1. A concepção do judaísmo antigo sobre o cumprimento da história da salvação parte da ideia de que, no final da história do povo judeu, o Messias da tribo de Davi virá instaurar o Reino de Deus, um reino terreno onde o ungido do Senhor reunirá as tribos do povo eleito e, partindo de Jerusalém, estabelecerá um reino de paz universal a que também os outros povos serão incorporados, em parte por sujeição e em parte por adesão voluntária. A esperança do reino tem, assim, um caráter eminentemente político e imanente ao mundo. A expectativa de um Messias terreno como fundador de um reino judeu veio a ser o mais forte impulso para revoluções políticas, sobretudo contra a dominação grega e romana. A época que antecedeu a vinda de Jesus é cheia de revoltas messiânicas, onde sempre de novo surgem vultos que se apresentam como messias e que reclamam para si e para sua luta de libertação a força milagrosa do Reino de Deus. Formaram-se grupos de voluntários especialmente na Galileia, onde a esperança de um futuro melhor afirmava-se com tanto mais intensidade quanto mais sem perspectivas era o presente. O último destes grupos de voluntários foi massacrado em Massada no ano de 73 dC.
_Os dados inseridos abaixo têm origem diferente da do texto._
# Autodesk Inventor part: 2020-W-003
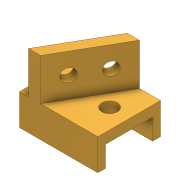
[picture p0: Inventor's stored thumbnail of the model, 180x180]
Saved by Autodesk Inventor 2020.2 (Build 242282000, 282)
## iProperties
Manager: www.cadconsulting.pl
Company: Fabian Stasiak CAD Consulting
Created: 2019-11
Part Number: 2020-W-003
Material: Mosiądz, miękki żółty
Document SubType Name: Modeling
Designer: F.Stasiak
Density: 8.47 g/cm^3
Appearance: Mosiądz — satynowy
Author: F.Stasiak
Subject: Zbiór ćwiczeń. Autodesk Inventor 2020. Kurs podstawowy
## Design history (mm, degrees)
node "Opisy"
  node "Wymiar liniowy 1" dims "d27" = 150 (derived)
  node "Wymiar liniowy 2" dims "d30" = 90 (derived)
  node "Wymiar liniowy 3" dims "d33" = 120 (derived)
  node "Wymiar liniowy 4" dims "d34" = 60 (derived)
  node "Wymiar średnicy 1" dims "d36" = 25 (derived)
  node "Wymiar średnicy 2" dims "d38" = 30 (derived)
  node "Wymiar liniowy 5" dims "d41" = 60 (derived)
  node "Wymiar kątowy 1" dims "d44" = 120 deg (derived)
  node "Wymiar liniowy 6" dims "d47" = 40 (derived)
  node "Wymiar liniowy 7" dims "d50" = 140 (derived)
  node "Wymiar liniowy 8" dims "d53" = 20 (derived)
  node "Wymiar liniowy 9" dims "d55" = 37.5 (derived)
  node "Wymiar liniowy 10" dims "d57" = 60 (derived)
sketch "Szkic1"
  geometry: L1 (-60, -60)-(60, -60); L2 (60, -60)-(60, 0); L3 (60, 0)-(-60, 0); L4 (-60, 0)-(-60, -60); L5 (-45, -60)-(-45, -20); L6 (-45, -20)-(45, -20); L7 (45, -20)-(45, -60); 3 further points
  constraints: 14 end point, 3 perpendicular, 2 midpoint, 2 parallel, 2 point on line, 1 coincident, 1 horizontal, 1 vertical, 1 vertical alignment
  dimensions: "d0" = 120 distance of L3.end L2.end; "d1" = 60 distance of L2.end L1.end; "d2" = 90 distance of L5.end L6.end; "d3" = 40 distance between parallel lines of L6 L1
extrude "Wyciągnięcie proste1" new body sketch "Szkic1" stored distance "d4" = 150; taper "d5" = 0 deg
sketch "Szkic2"
  geometry: L1 (0, 150)-(0, 0) reference; L2 (120, 150)-(120, 0) reference; L3 (0, 150)-(0, 0) reference; L4 (0, 132.735)-(120, 63.453); L5 (120, 0)-(120, 150) reference; L6 (120, 40.359)-(0, 109.641); 4 further points
  constraints: 4 end point, 4 point on line, 1 midpoint, 1 parallel
  dimensions: "d6" = 120 deg angle of L2 L6; "d7" = 20 distance between parallel lines of L4 L6
extrude "Wyciągnięcie proste2" join sketch "Szkic2" distance "d8" = 80; taper "d9" = 0 deg
sketch "Szkic3"
  geometry: L1 (-99.282, 40)-(-39.282, 40); L2 (-138.564, 0)-(-138.564, 80) reference; L3 (-138.564, 80)-(0, 80) reference; 4 further points
  constraints: 3 midpoint, 2 end point, 1 horizontal, 1 horizontal alignment, 1 vertical alignment
  dimensions: "d10" = 60 distance of L1.end L1.start
hole "Otwór1" sketch "Szkic3" at (-99.282, 40), (-39.282, 40) diameter "d11" = 25; stored, may be unused: countersink angle "d15" = 90 deg, drill point angle "d17" = 118 deg; dims "d12" = 6, "d13" = 4, "d14" = 2, "d16" = 8
sketch "Szkic5"
  geometry: L1 (60, 75)-(60, 0); L2 (15, 0)-(105, 0) reference; 2 further points
  constraints: 2 end point, 2 midpoint, 1 coincident
hole "Otwór2" sketch "Szkic5" at (60, 37.5) diameter "d18" = 30; stored, may be unused: countersink angle "d22" = 90 deg, drill point angle "d24" = 118 deg; dims "d19" = 6, "d20" = 4, "d21" = 2, "d23" = 8
node "Bryła1"
other parameters: "d25" = 0 (derived), "d28" = 6.87409 (derived), "d29" = 4.16263 (derived), "d31" = 0 (derived), "d35" = 19.20596 (derived), "d37" = 18.41701 (derived), "d39" = 0 (derived), "d42" = 1.87958 (derived), "d43" = 5.52313 (derived), "d45" = 0 (derived), "d48" = 4.52715 (derived), "d49" = 1.16108 (derived), "d51" = 0.55636 (derived), "d52" = 8.706 (derived), "d54" = 6.4878 (derived), "d56" = 5.48375 (derived)
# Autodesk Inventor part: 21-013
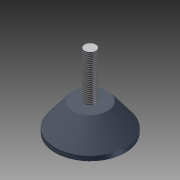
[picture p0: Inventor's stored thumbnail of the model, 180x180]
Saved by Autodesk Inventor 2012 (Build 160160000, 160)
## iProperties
Shininess: 64.0
Length Units: 11269
Angle Units: 11279
Time Units: 11290
Mass Units: 11286
Length Display Precision: 3
Angle Display Precision: 2
Compacted: True
Created: 2003-01
Part Number: 21-013
Vendor: PARKER IPS
Document SubType Name: Modeling
Designer: Autodesk, Inc.
Description: KNUCKLE FOOT 80, M12x80
Catalog Web Link: http://www.parker.com/ead/cm1.asp?cmid=809
Mass: 39.8452 g
Surface Area: 167.331 cm^2
Volume: 39.8452 cm^3
Density: 1 g/cm^3
Material: Default
Density: 0.0
Volumn: 0.0
Area: 0.0
PropertySet Name: Model Information
Control State: 0
Master: False
Checked Out: False
CAGE: 08JJ3
NEXT HIGHER ASSY 01: ---
Author: Autodesk, Inc.
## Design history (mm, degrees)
sketch "Sketch1"
  geometry: L1 (0, 0)-(0, 30); L2 (0, 30)-(19, 30); L3 (19, 30)-(38, 5); L4 (38, 5)-(38, 0); L5 (38, 0)-(0, 0)
  constraints: 10 end point, 2 parallel, 1 perpendicular, 1 vertical, 1 other
  dimensions: "C" = 76 diameter of L4 L1; "d1" = 30 distance of L1.start L1.end (computed from Dmin); "d2" = 5 distance of L3.end L4.end; "d3" = 38 diameter of L2.end L1 (= 0.5 x C)
revolve "Revolution1" sketch "Sketch1" stored, may be unused: angle "d4" = 90 deg
shell "Shell1" dims "d5" = 5
sketch "Sketch2"
  geometry: C1 r 19 at (0, 0) reference; C2 r 6 at (0, 0)
  constraints: 1 centre point, 1 coincident
  dimensions: "d6" = 12 diameter of C2
extrude "Extrusion1" join sketch "Sketch2" distance "d7" = 50 (= Dmax - d1); taper "d8" = 0 deg
thread "Thread1" dims "d9" = 10, "d10" = 0
body "Solid1"
other parameters: "Dmin" = 41 [user parameter; used in 1 equation term], "Dmax" = 80 [user parameter; used in 1 equation term]
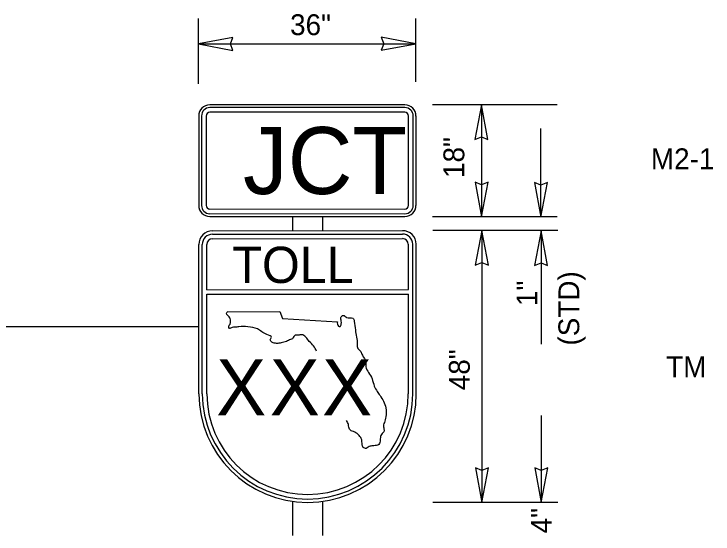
# Model space of a CAD drawing. Extents: x 52649 to 53276, y 9410 to 9783.
# Drawn here: x 52835.1 to 52923.1, y 9716.6 to 9782.1 of the extents above; entities that cross this region are included whole.
import ezdxf

# ---------------------------------------------------------------- set-up
doc = ezdxf.new("R2010")
doc.units = 0
for name, color, linetype in [('Default', 7, 'Continuous'), ('DimLines_dp', 7, 'Continuous'), ('SignPanel', 7, 'Continuous')]:
    doc.layers.add(name, color=color, linetype=linetype)

msp = doc.modelspace()

# ---------------------------------------------------------------- linework, layer by layer
at = {"layer": 'Default'}
for p, q in [((52870.202, 9754.844), (52870.202, 9756.604)), ((52873.952, 9754.846), (52873.952, 9756.602)), ((52870.201, 9716.464), (52870.203, 9720.708)), ((52873.951, 9716.464), (52873.953, 9720.71))]:
    msp.add_line(p, q, dxfattribs=at)
at = {"layer": 'DimLines_dp'}
for p, q in [((52858.305, 9773.327), (52858.305, 9781.564)), ((52885.679, 9773.579), (52885.679, 9781.564)), ((52862.655, 9779.189), (52858.305, 9778.379)), ((52862.655, 9779.189), (52858.305, 9778.379)), ((52858.305, 9778.379), (52885.679, 9778.379)), ((52858.305, 9778.379), (52862.655, 9777.539)), ((52858.305, 9778.379), (52862.655, 9777.539)), ((52862.325, 9778.379), (52862.655, 9779.189)), ((52862.325, 9778.379), (52862.655, 9779.189)), ((52862.655, 9777.539), (52862.325, 9778.379)), ((52862.655, 9777.539), (52862.325, 9778.379)), ((52885.679, 9778.379), (52881.329, 9779.219)), ((52881.329, 9779.219), (52881.659, 9778.379)), ((52881.659, 9778.379), (52881.329, 9777.569)), ((52881.329, 9777.569), (52885.679, 9778.379)), ((52903.507, 9770.675), (52887.779, 9770.675)), ((52893.961, 9770.675), (52893.121, 9766.325)), ((52894.771, 9766.325), (52893.961, 9770.675)), ((52893.961, 9770.675), (52893.961, 9756.601)), ((52901.429, 9756.561), (52901.429, 9767.729)), ((52893.121, 9766.325), (52893.961, 9766.655)), ((52893.961, 9766.655), (52894.771, 9766.325)), ((52893.961, 9760.621), (52893.151, 9760.951)), ((52893.151, 9760.951), (52893.961, 9756.601)), ((52893.961, 9756.601), (52894.801, 9760.951)), ((52894.801, 9760.951), (52893.961, 9760.621)), ((52901.429, 9760.581), (52900.619, 9760.911)), ((52900.619, 9760.911), (52901.429, 9756.561)), ((52901.429, 9756.561), (52902.269, 9760.911)), ((52902.269, 9760.911), (52901.429, 9760.581)), ((52903.507, 9756.601), (52887.779, 9756.601)), ((52903.56, 9754.851), (52887.832, 9754.851)), ((52894.014, 9754.851), (52893.174, 9750.501)), ((52894.014, 9754.851), (52893.174, 9750.501)), ((52894.014, 9754.851), (52894.014, 9720.623)), ((52894.824, 9750.501), (52894.014, 9754.851)), ((52894.824, 9750.501), (52894.014, 9754.851)), ((52901.482, 9754.811), (52900.642, 9750.461)), ((52901.482, 9754.811), (52901.482, 9740.571)), ((52902.292, 9750.461), (52901.482, 9754.811)), ((52893.174, 9750.501), (52894.014, 9750.831)), ((52893.174, 9750.501), (52894.014, 9750.831)), ((52894.014, 9750.831), (52894.824, 9750.501)), ((52894.014, 9750.831), (52894.824, 9750.501)), ((52900.642, 9750.461), (52901.482, 9750.791)), ((52901.482, 9750.791), (52902.292, 9750.461)), ((52858.36, 9742.73), (52784.107, 9742.73)), ((52901.482, 9731.585), (52901.482, 9720.623)), ((52894.014, 9724.643), (52893.204, 9724.973)), ((52893.204, 9724.973), (52894.014, 9720.623)), ((52894.014, 9724.643), (52893.204, 9724.973)), ((52893.204, 9724.973), (52894.014, 9720.623)), ((52894.014, 9720.623), (52894.854, 9724.973)), ((52894.854, 9724.973), (52894.014, 9724.643)), ((52894.014, 9720.623), (52894.854, 9724.973)), ((52894.854, 9724.973), (52894.014, 9724.643)), ((52901.482, 9724.643), (52900.672, 9724.973)), ((52900.672, 9724.973), (52901.482, 9720.623)), ((52901.482, 9724.643), (52900.672, 9724.973)), ((52900.672, 9724.973), (52901.482, 9720.623)), ((52901.482, 9720.623), (52902.322, 9724.973)), ((52902.322, 9724.973), (52901.482, 9724.643)), ((52901.482, 9720.623), (52902.322, 9724.973)), ((52902.322, 9724.973), (52901.482, 9724.643)), ((52903.56, 9720.623), (52887.832, 9720.623))]:
    msp.add_line(p, q, dxfattribs=at)
at = {"layer": 'SignPanel'}
for p, q in [((52884.299, 9770.697), (52859.745, 9770.705)), ((52884.299, 9770.349), (52859.745, 9770.357)), ((52884.299, 9769.751), (52859.745, 9769.759)), ((52858.337, 9769.293), (52858.337, 9758.031)), ((52858.697, 9769.293), (52858.697, 9758.031)), ((52859.281, 9769.293), (52859.281, 9758.031)), ((52884.767, 9758.031), (52884.767, 9769.293)), ((52885.351, 9758.031), (52885.351, 9769.293)), ((52885.711, 9758.031), (52885.711, 9769.293)), ((52859.745, 9757.577), (52884.299, 9757.569)), ((52859.745, 9756.991), (52884.299, 9756.983)), ((52859.745, 9756.631), (52884.299, 9756.623)), ((52860.074, 9754.837), (52884.016, 9754.853)), ((52860.074, 9754.407), (52884.016, 9754.423)), ((52860.074, 9753.829), (52884.016, 9753.847)), ((52858.358, 9734.293), (52858.358, 9753.121)), ((52858.786, 9734.293), (52858.786, 9753.121)), ((52859.348, 9747.411), (52859.348, 9753.121)), ((52884.742, 9747.427), (52884.742, 9753.137)), ((52885.318, 9734.311), (52885.304, 9753.137)), ((52885.748, 9734.311), (52885.732, 9753.137)), ((52859.348, 9747.411), (52884.742, 9747.427)), ((52859.348, 9746.851), (52884.742, 9746.867)), ((52859.348, 9734.293), (52859.348, 9746.851)), ((52884.758, 9734.311), (52884.742, 9746.867)), ((52861.94, 9744.607), (52868.54, 9744.673)), ((52868.54, 9744.673), (52868.884, 9743.765)), ((52868.884, 9743.765), (52875.8, 9743.369))]:
    msp.add_line(p, q, dxfattribs=at)
for centre, radius, start, end in [((52859.745, 9769.288), 1.407, 90, 180), ((52884.3, 9769.288), 1.407, 0, 90), ((52859.745, 9769.288), 1.055, 90, 180), ((52859.745, 9769.288), 0.469, 90, 180), ((52884.3, 9769.288), 1.055, 0, 90), ((52884.3, 9769.288), 0.469, 0, 90), ((52859.745, 9758.035), 1.407, 180, 270), ((52859.745, 9758.035), 1.055, 180, 270), ((52859.745, 9758.035), 0.469, 180, 270), ((52884.3, 9758.035), 1.407, 270, 360), ((52884.3, 9758.035), 1.055, 270, 360), ((52884.3, 9758.035), 0.469, 270, 360), ((52860.067, 9753.116), 1.711, 90.03983, 180.01899), ((52884.012, 9753.133), 1.711, 0.03983, 90.03983), ((52860.067, 9753.116), 1.283, 90.03983, 180.01899), ((52860.067, 9753.116), 0.713, 90.03983, 180.01899), ((52884.012, 9753.133), 1.283, 0.03983, 90.03983), ((52884.012, 9753.133), 0.713, 0.03983, 90.03983), ((52872.05, 9734.306), 13.686, 180.03983, 0.03983), ((52872.05, 9734.306), 13.258, 180.03983, 0.03983), ((52872.05, 9734.306), 12.688, 180.03983, 0.03983)]:
    msp.add_arc(centre, radius, start, end, dxfattribs=at)
for points in [[(52862.284, 9743.071), (52862.35, 9743.467), (52862.302, 9743.781), (52861.988, 9744.177), (52861.856, 9744.441), (52861.988, 9744.673)], [(52862.284, 9743.071), (52862.35, 9743.467), (52862.302, 9743.781), (52861.988, 9744.177), (52861.856, 9744.441), (52861.988, 9744.673)], [(52875.8, 9743.369), (52875.8, 9743.089), (52875.946, 9742.807), (52876.144, 9742.759), (52876.294, 9743.089), (52876.294, 9743.467), (52876.244, 9743.913), (52876.558, 9744.177), (52876.954, 9743.913), (52877.762, 9743.815), (52877.926, 9743.451), (52878.076, 9742.345), (52878.224, 9741.439), (52878.308, 9740.581), (52878.322, 9740.151), (52878.752, 9739.623), (52878.95, 9739.161), (52879.396, 9738.353), (52879.396, 9737.709), (52879.742, 9736.967), (52880.17, 9736.191), (52880.452, 9735.267), (52880.816, 9734.591), (52881.178, 9734.079), (52881.608, 9733.353), (52881.904, 9732.529), (52881.904, 9731.389), (52881.722, 9730.697), (52881.608, 9730.399), (52881.674, 9729.889), (52881.674, 9729.525), (52881.458, 9729.295), (52881.278, 9729.031), (52881.194, 9728.503), (52881.028, 9727.909), (52880.386, 9727.759), (52879.924, 9727.693), (52879.676, 9727.595), (52879.444, 9727.429), (52879.066, 9727.545), (52878.916, 9727.957), (52878.868, 9728.503), (52878.538, 9729.063), (52877.992, 9729.475), (52877.648, 9729.591), (52877.35, 9729.839), (52877.186, 9730.417), (52876.97, 9730.945)], [(52875.8, 9743.369), (52875.8, 9743.089), (52875.946, 9742.807), (52876.144, 9742.759), (52876.294, 9743.089), (52876.294, 9743.467), (52876.244, 9743.913), (52876.558, 9744.177), (52876.954, 9743.913), (52877.762, 9743.815), (52877.926, 9743.451), (52878.076, 9742.345), (52878.224, 9741.439), (52878.308, 9740.581), (52878.322, 9740.151), (52878.752, 9739.623), (52878.95, 9739.161), (52879.396, 9738.353), (52879.396, 9737.709), (52879.742, 9736.967), (52880.17, 9736.191), (52880.452, 9735.267), (52880.816, 9734.591), (52881.178, 9734.079), (52881.608, 9733.353), (52881.904, 9732.529), (52881.904, 9731.389), (52881.722, 9730.697), (52881.608, 9730.399), (52881.674, 9729.889), (52881.674, 9729.525), (52881.458, 9729.295), (52881.278, 9729.031), (52881.194, 9728.503), (52881.028, 9727.909), (52880.386, 9727.759), (52879.924, 9727.693), (52879.676, 9727.595), (52879.444, 9727.429), (52879.066, 9727.545), (52878.916, 9727.957), (52878.868, 9728.503), (52878.538, 9729.063), (52877.992, 9729.475), (52877.648, 9729.591), (52877.35, 9729.839), (52877.186, 9730.417), (52876.97, 9730.945)], [(52873.16, 9739.689), (52872.812, 9740.333), (52872.268, 9740.893), (52871.84, 9741.439), (52871.294, 9741.735), (52870.864, 9741.685), (52870.502, 9741.669), (52870.304, 9741.537), (52870.138, 9741.241), (52869.908, 9741.141), (52869.38, 9740.893), (52868.738, 9740.713), (52868.144, 9740.647), (52867.564, 9740.811), (52867.352, 9741.109), (52867.498, 9741.421), (52866.938, 9741.751), (52865.734, 9742.477), (52864.528, 9742.741), (52863.406, 9742.741), (52862.878, 9742.675), (52862.548, 9742.643), (52862.204, 9742.543), (52862.12, 9742.825), (52862.284, 9743.071)], [(52873.16, 9739.689), (52872.812, 9740.333), (52872.268, 9740.893), (52871.84, 9741.439), (52871.294, 9741.735), (52870.864, 9741.685), (52870.502, 9741.669), (52870.304, 9741.537), (52870.138, 9741.241), (52869.908, 9741.141), (52869.38, 9740.893), (52868.738, 9740.713), (52868.144, 9740.647), (52867.564, 9740.811), (52867.352, 9741.109), (52867.498, 9741.421), (52866.938, 9741.751), (52865.734, 9742.477), (52864.528, 9742.741), (52863.406, 9742.741), (52862.878, 9742.675), (52862.548, 9742.643), (52862.204, 9742.543), (52862.12, 9742.825), (52862.284, 9743.071)]]:
    msp.add_spline(points, degree=3, dxfattribs=at)

# ---------------------------------------------------------------- texts
at = {"layer": 'DimLines_dp'}
for s, p in [('36"', (52869.847, 9779.474)), ('M2-1', (52915.295, 9762.585)), ('TM', (52917.224, 9736.39))]:
    msp.add_text(s, height=2.625, dxfattribs=at).set_placement(p)
for s, p in [('18"', (52891.79, 9761.484)), ('(STD)', (52906.269, 9740.377)), ('1"', (52900.993, 9745.355)), ('48"', (52892.479, 9734.751)), ('4"', (52902.802, 9716.72))]:
    msp.add_text(s, height=2.625, rotation=90, dxfattribs=at).set_placement(p)
at = {"layer": 'SignPanel'}
msp.add_text('JCT', height=8.4386, dxfattribs=at).set_placement((52863.915, 9759.457))
for s, height, rotation, p in [('TOLL', 4.5708, 0.03983, (52862.577, 9748.25)), ('X', 7.036, 0.04985, (52860.551, 9731.602)), ('X', 7.036, 0.04985, (52867.303, 9731.602)), ('X', 7.036, 0.04985, (52873.89, 9731.602))]:
    msp.add_text(s, height=height, rotation=rotation, dxfattribs=at).set_placement(p)

doc.saveas('drawing.dxf')

Jesus decepcionou as expectativas políticas destas camadas da população; ele não quis deixar-se transformar num messias político. Ao invés, foram justamente seus adversários que se aproveitaram da falsa interpretação política de sua pessoa para dar cabo dele. Pois foi como golpista judeu, que se teria rebelado contra a soberania do estado romano, que a autoridade romana competente o condenou e o executou. A inscrição na cruz, “Jesus Nazareno Rei dos Judeus”, indica, como o motivo de sua condenação e execução, a insurreição política de um messias-rei judeu.
2. Ao lado desta expectativa de um messias político encontra-se também uma segunda forma de expectativa do final dos tempos. Seus portadores são os grupos dos piedosos no país, os conspiradores pietistas tipo comunidade de Enoque, Essênios ou comunidade de Qumran, próximo ao Mar Morto. Seus anseios voltam-se não para um messias terreno mas para alguém ungido pelo céu, que irá trazer não um reino terrestre mas um reino celestial. Nestes círculos campeia um clima de fim de mundo. O antigo éon está terminando, um novo éon irá surgir. O cumprimento das promessas não está no mundo velho mas no mundo futuro que há de vir, para o qual é preciso preparar-se pela penitência. De espada e batalha, de golpe e rebelião, nada querem saber estes religiosos. O nascimento do novo éon será precedido por um tremendo juízo sobre os ímpios, sobre os povos pagãos e Satã, com suas forças infernais. O messias não virá como um rei terreno da tribo de Davi, mas como uma figura celestial, como o Filho de Deus que desce ao reino do maligno e aí reúne os seus para levá-los de volta ao reino das luzes, que assumirá a soberania do mundo e que, depois de superar todos os poderes demoníacos terrestres e supraterrestres, deporá o universo aos pés de Deus.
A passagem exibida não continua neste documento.